At the Monday meeting, residents accused Francell of bullying mask critics and said they wouldn’t feel well served if he took the temporary judgeship position. “Larry has made his opinion clear,” resident Melanie Blackman told The Big Bend Sentinel, “to the point that people would not feel represented.”

With comments like that in mind, commissioners went into executive session to deliberate their decision. And around an hour later, they came out with an update: rather than appointing a judge that day, they would solicit applications before choosing one.

After speaking to a lawyer with the Texas Association of Counties, county officials determined they could likely at least start the budget process without a county judge (though they’d still need a judge to sign off on any final budget decisions). And they stressed that they’d followed the same process in the past, when other county positions needed to be filled on a temporary basis.

“The easiest path forward was to appoint somebody today,” Teresa Todd, the county attorney for Jeff Davis County, said in an interview after the meeting. “But probably the right path forward was exactly what the court did.”

The move was intended to allow commissioners time to consider different candidates — but some attendees worried the commissioners were simply putting off their decision to avoid an immediate backlash from the fired-up crowd.

“I think absolute transparency needs to be there if you expect or would like to have full support of the community,” one resident told commissioners. He acknowledged such an application process may be standard but stressed: “It’s a different set of circumstances this time.”

No applications have been filed yet. At press time, though, at least two possible candidates are reportedly being considered for the position.

One is George Grubb, a former Jeff Davis County judge who served until 2014. The other is Larry Francell.

In an interview on Tuesday, Francell said he wasn’t yet sure whether he would seek the temporary judge position. But as he saw it, a “vocal minority” of mask critics at Monday’s meeting were trying to undermine common sense safety measures and were angry at him for fulfilling his duties to protect residents.

Francell, who serves as emergency management coordinator at the discretion of the county judge, noted that his role has been complicated by Sproul-Hurley’s death. “I’m out of a job right now,” he said.
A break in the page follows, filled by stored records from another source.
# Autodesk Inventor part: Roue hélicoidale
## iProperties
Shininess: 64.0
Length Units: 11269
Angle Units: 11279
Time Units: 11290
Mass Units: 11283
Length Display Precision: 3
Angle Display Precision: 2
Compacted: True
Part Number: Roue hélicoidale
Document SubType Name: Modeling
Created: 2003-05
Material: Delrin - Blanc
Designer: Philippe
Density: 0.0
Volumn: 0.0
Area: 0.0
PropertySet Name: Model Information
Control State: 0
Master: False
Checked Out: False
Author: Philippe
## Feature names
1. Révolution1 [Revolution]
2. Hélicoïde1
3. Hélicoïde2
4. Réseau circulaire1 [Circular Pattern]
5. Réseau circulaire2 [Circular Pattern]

But he stressed that he’d served the county for years — including four years as the EMC and another eight as a commissioner — and touted his ability to get grants for the county. He’s also written an over 300-page emergency management plan with dozens of appendices, which primarily addresses wildfires.

“Why don’t you step up and run for office?” he said of his critics at Monday’s meeting. “Take my job and find grant money for new ambulances and technical rescue gear and training for EMTs. It’s easy to complain.”

The coronavirus crisis will likely continue for at least a few more months, and one of Francell’s critics may well decide to run. But in the meantime, Francell sees his role in straightforward terms. His job, he said, involves “explaining in a rational way that if we’re going to get this [coronavirus] thing under control, this is what we have to do.” And for Francell, that means making calls that won’t always be popular.